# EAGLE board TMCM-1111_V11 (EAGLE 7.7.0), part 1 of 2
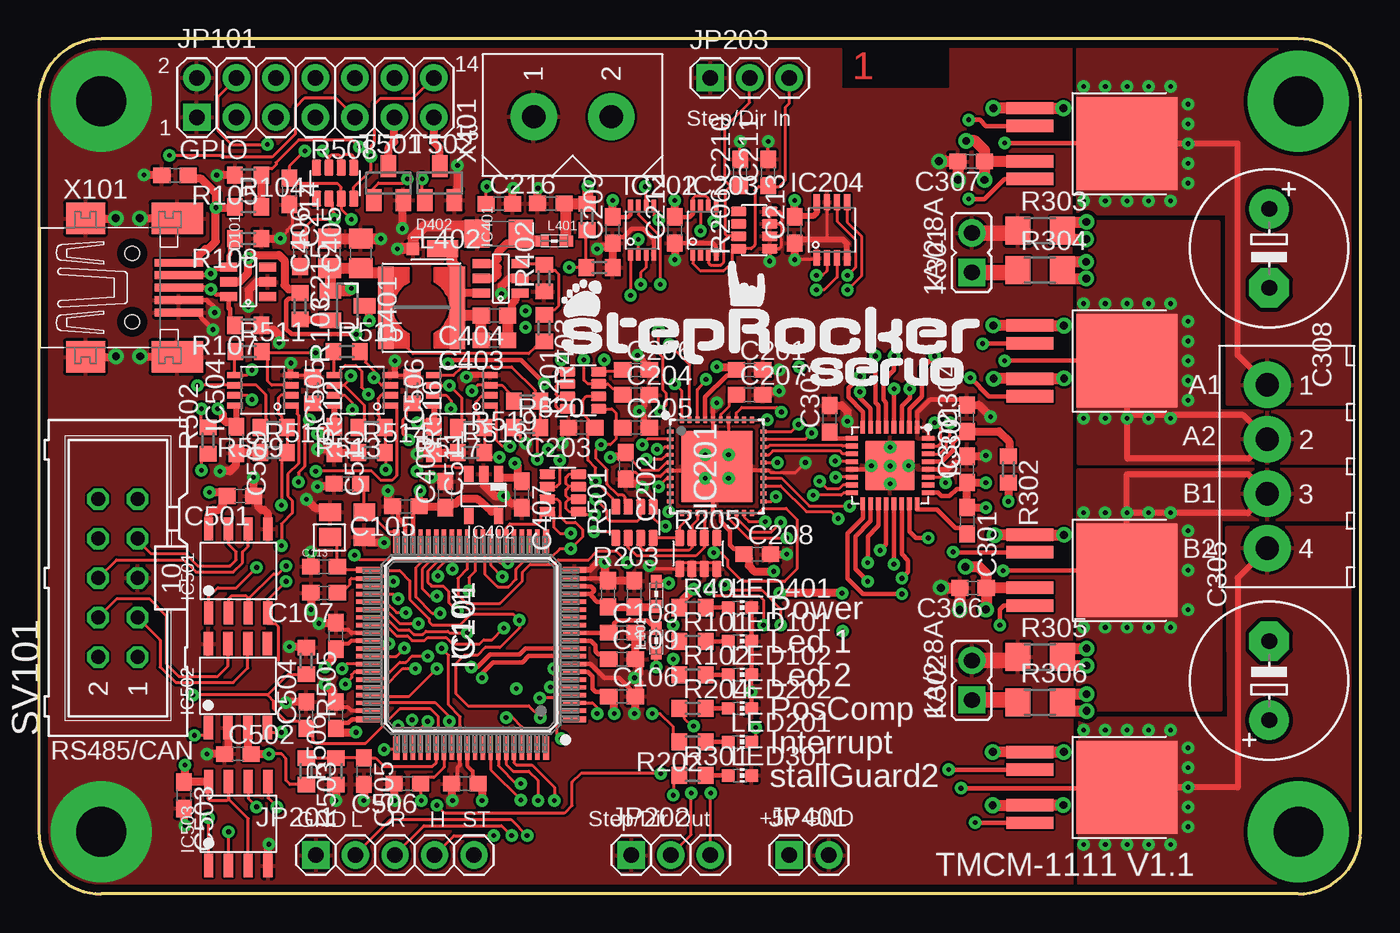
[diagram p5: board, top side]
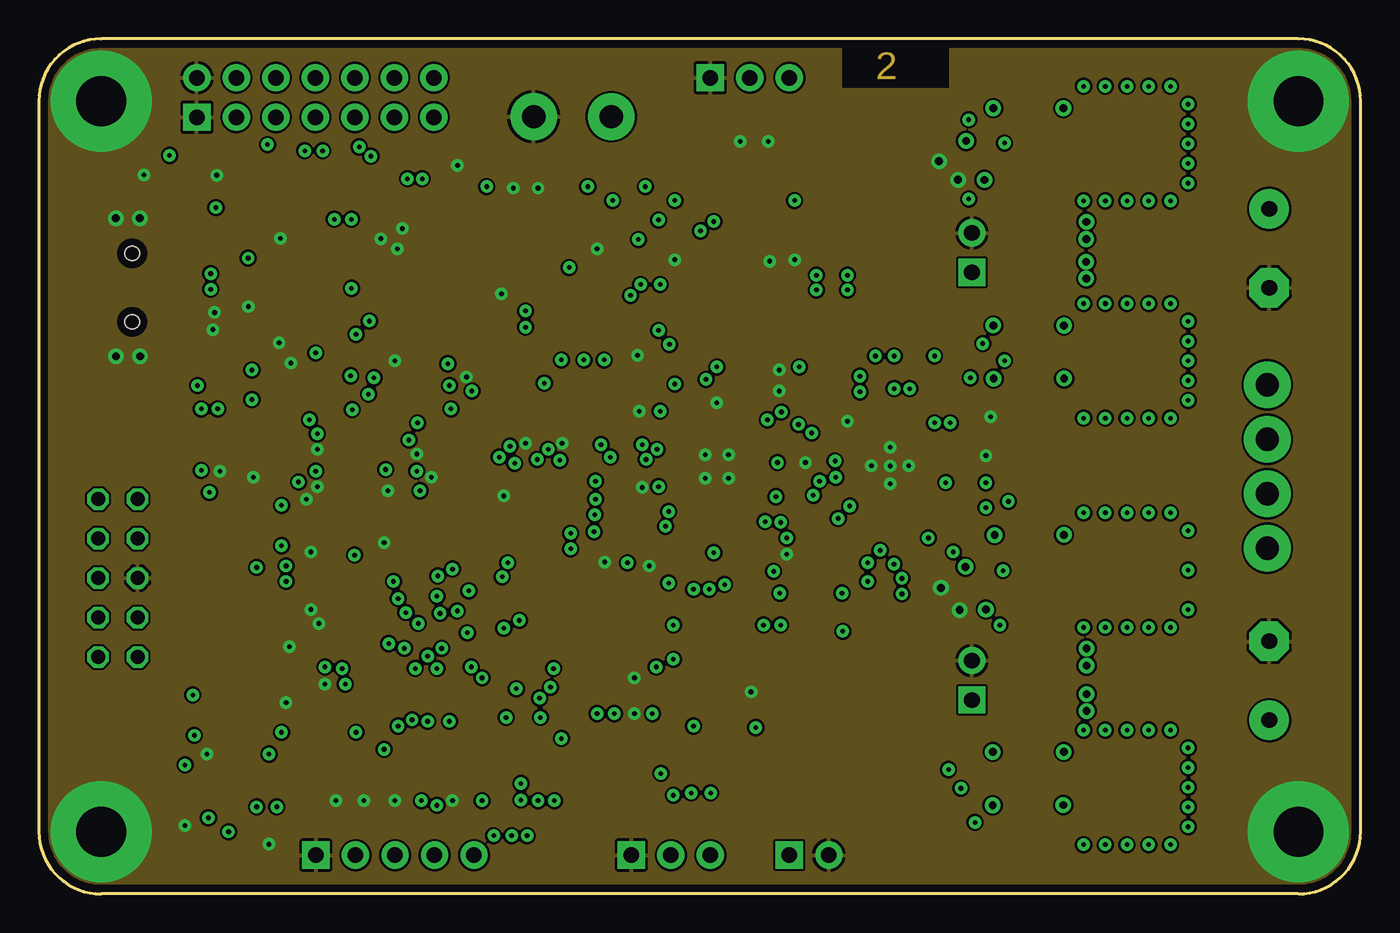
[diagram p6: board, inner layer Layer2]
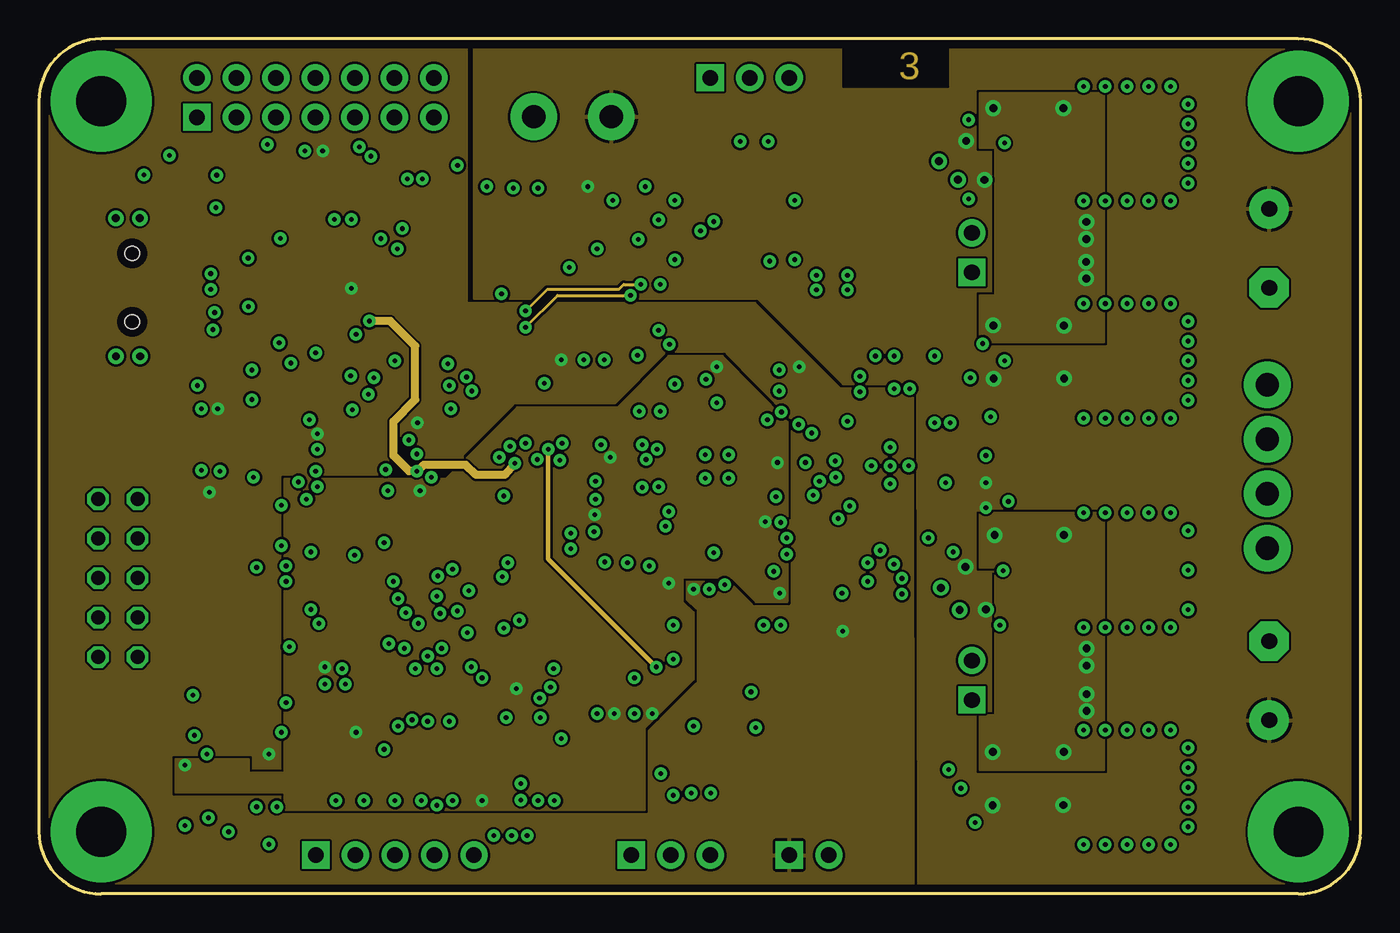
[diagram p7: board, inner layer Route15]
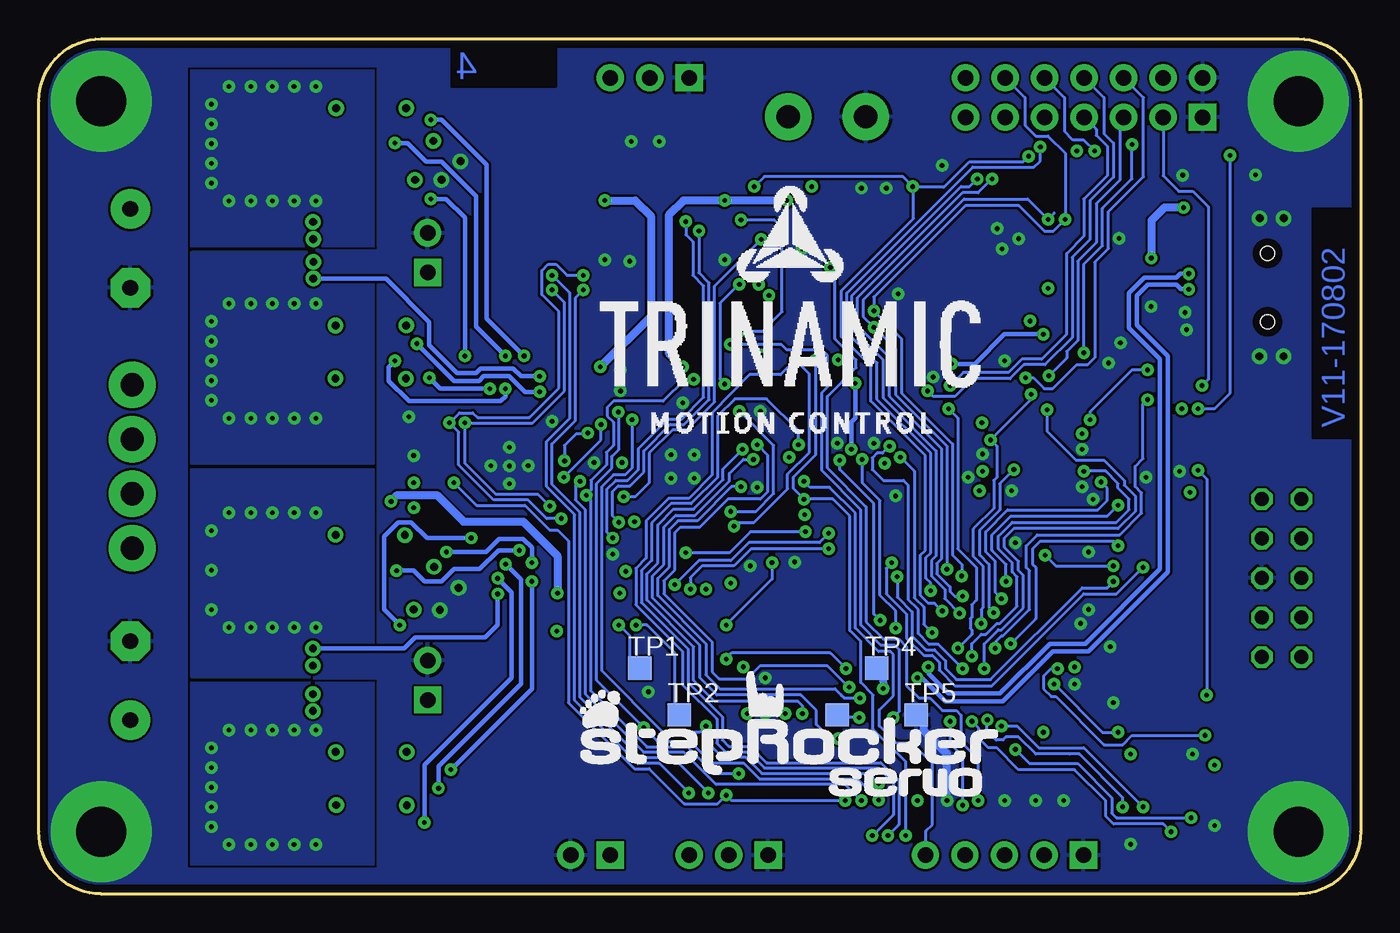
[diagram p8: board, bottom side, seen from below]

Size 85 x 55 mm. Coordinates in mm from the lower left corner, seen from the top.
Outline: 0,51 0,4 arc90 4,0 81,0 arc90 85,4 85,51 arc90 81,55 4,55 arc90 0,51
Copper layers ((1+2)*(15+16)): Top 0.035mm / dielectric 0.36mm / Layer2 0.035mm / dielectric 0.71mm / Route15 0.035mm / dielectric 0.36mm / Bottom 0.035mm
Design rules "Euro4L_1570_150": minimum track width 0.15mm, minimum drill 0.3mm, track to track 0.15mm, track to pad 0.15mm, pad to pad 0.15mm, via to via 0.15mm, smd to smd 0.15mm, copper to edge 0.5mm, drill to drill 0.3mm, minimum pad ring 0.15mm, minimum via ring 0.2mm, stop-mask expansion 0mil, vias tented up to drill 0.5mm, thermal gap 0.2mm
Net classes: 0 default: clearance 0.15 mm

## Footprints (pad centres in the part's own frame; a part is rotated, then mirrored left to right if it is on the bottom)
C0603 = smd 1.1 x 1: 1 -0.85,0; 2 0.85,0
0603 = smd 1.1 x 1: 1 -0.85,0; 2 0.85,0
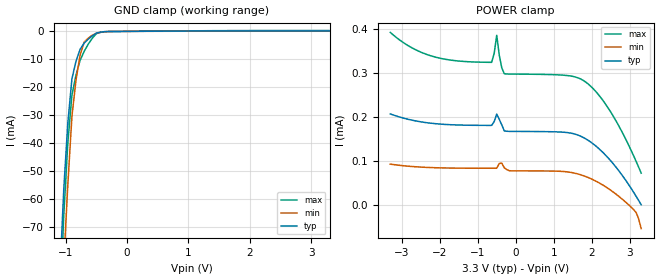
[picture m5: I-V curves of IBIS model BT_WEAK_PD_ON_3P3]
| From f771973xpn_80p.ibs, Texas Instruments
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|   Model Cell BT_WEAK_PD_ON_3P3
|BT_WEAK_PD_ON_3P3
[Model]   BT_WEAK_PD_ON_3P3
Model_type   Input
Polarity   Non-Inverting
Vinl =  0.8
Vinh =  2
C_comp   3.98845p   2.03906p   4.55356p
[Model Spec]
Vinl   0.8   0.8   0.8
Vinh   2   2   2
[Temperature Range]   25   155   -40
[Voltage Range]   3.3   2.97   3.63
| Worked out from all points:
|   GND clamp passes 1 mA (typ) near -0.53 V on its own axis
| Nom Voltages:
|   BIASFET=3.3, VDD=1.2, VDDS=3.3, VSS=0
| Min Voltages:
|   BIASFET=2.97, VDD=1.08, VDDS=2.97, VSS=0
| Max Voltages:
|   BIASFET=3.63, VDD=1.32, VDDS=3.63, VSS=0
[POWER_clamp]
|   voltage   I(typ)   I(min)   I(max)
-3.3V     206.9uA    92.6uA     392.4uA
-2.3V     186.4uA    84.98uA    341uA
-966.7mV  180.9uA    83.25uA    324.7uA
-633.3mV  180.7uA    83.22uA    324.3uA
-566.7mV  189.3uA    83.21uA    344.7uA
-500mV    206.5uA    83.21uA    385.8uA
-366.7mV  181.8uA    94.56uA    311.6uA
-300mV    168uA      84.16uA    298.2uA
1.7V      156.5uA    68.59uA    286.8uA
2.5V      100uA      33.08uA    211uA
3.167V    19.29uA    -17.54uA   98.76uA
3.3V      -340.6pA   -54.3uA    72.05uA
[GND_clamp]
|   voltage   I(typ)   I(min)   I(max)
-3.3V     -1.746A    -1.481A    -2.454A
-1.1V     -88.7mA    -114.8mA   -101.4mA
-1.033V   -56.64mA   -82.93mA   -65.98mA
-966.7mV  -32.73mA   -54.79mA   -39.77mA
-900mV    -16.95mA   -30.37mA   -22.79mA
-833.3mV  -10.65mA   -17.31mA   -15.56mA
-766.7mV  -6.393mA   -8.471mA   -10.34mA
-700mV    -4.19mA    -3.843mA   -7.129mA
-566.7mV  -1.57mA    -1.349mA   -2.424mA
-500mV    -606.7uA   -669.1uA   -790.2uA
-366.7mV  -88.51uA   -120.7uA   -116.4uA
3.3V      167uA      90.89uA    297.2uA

* * * * * * * * *

• _TASK STATEMENT_
The complete material, set down exactly and stripped of pictures, is the expected response.

• _EXERCISE SOLUTION_
# EAGLE board TMCM-1111_V11 (EAGLE 7.7.0), part 1 of 2
[diagram p5: board, top side]
[diagram p6: board, inner layer Layer2]
[diagram p7: board, inner layer Route15]
[diagram p8: board, bottom side, seen from below]

Size 85 x 55 mm. Coordinates in mm from the lower left corner, seen from the top.
Outline: 0,51 0,4 arc90 4,0 81,0 arc90 85,4 85,51 arc90 81,55 4,55 arc90 0,51
Copper layers ((1+2)*(15+16)): Top 0.035mm / dielectric 0.36mm / Layer2 0.035mm / dielectric 0.71mm / Route15 0.035mm / dielectric 0.36mm / Bottom 0.035mm
Design rules "Euro4L_1570_150": minimum track width 0.15mm, minimum drill 0.3mm, track to track 0.15mm, track to pad 0.15mm, pad to pad 0.15mm, via to via 0.15mm, smd to smd 0.15mm, copper to edge 0.5mm, drill to drill 0.3mm, minimum pad ring 0.15mm, minimum via ring 0.2mm, stop-mask expansion 0mil, vias tented up to drill 0.5mm, thermal gap 0.2mm
Net classes: 0 default: clearance 0.15 mm

## Footprints (pad centres in the part's own frame; a part is rotated, then mirrored left to right if it is on the bottom)
C0603 = smd 1.1 x 1: 1 -0.85,0; 2 0.85,0
0603 = smd 1.1 x 1: 1 -0.85,0; 2 0.85,0
[picture m5: I-V curves of IBIS model BT_WEAK_PD_ON_3P3]
| From f771973xpn_80p.ibs, Texas Instruments
|   Model Cell BT_WEAK_PD_ON_3P3
|BT_WEAK_PD_ON_3P3
[Model]   BT_WEAK_PD_ON_3P3
Model_type   Input
Polarity   Non-Inverting
Vinl =  0.8
Vinh =  2
C_comp   3.98845p   2.03906p   4.55356p
[Model Spec]
Vinl   0.8   0.8   0.8
Vinh   2   2   2
[Temperature Range]   25   155   -40
[Voltage Range]   3.3   2.97   3.63
| Worked out from all points:
|   GND clamp passes 1 mA (typ) near -0.53 V on its own axis
| Nom Voltages:
|   BIASFET=3.3, VDD=1.2, VDDS=3.3, VSS=0
| Min Voltages:
|   BIASFET=2.97, VDD=1.08, VDDS=2.97, VSS=0
| Max Voltages:
|   BIASFET=3.63, VDD=1.32, VDDS=3.63, VSS=0
[POWER_clamp]
|   voltage   I(typ)   I(min)   I(max)
-3.3V     206.9uA    92.6uA     392.4uA
-2.3V     186.4uA    84.98uA    341uA
-966.7mV  180.9uA    83.25uA    324.7uA
-633.3mV  180.7uA    83.22uA    324.3uA
-566.7mV  189.3uA    83.21uA    344.7uA
-500mV    206.5uA    83.21uA    385.8uA
-366.7mV  181.8uA    94.56uA    311.6uA
-300mV    168uA      84.16uA    298.2uA
1.7V      156.5uA    68.59uA    286.8uA
2.5V      100uA      33.08uA    211uA
3.167V    19.29uA    -17.54uA   98.76uA
3.3V      -340.6pA   -54.3uA    72.05uA
[GND_clamp]
|   voltage   I(typ)   I(min)   I(max)
-3.3V     -1.746A    -1.481A    -2.454A
-1.1V     -88.7mA    -114.8mA   -101.4mA
-1.033V   -56.64mA   -82.93mA   -65.98mA
-966.7mV  -32.73mA   -54.79mA   -39.77mA
-900mV    -16.95mA   -30.37mA   -22.79mA
-833.3mV  -10.65mA   -17.31mA   -15.56mA
-766.7mV  -6.393mA   -8.471mA   -10.34mA
-700mV    -4.19mA    -3.843mA   -7.129mA
-566.7mV  -1.57mA    -1.349mA   -2.424mA
-500mV    -606.7uA   -669.1uA   -790.2uA
-366.7mV  -88.51uA   -120.7uA   -116.4uA
3.3V      167uA      90.89uA    297.2uA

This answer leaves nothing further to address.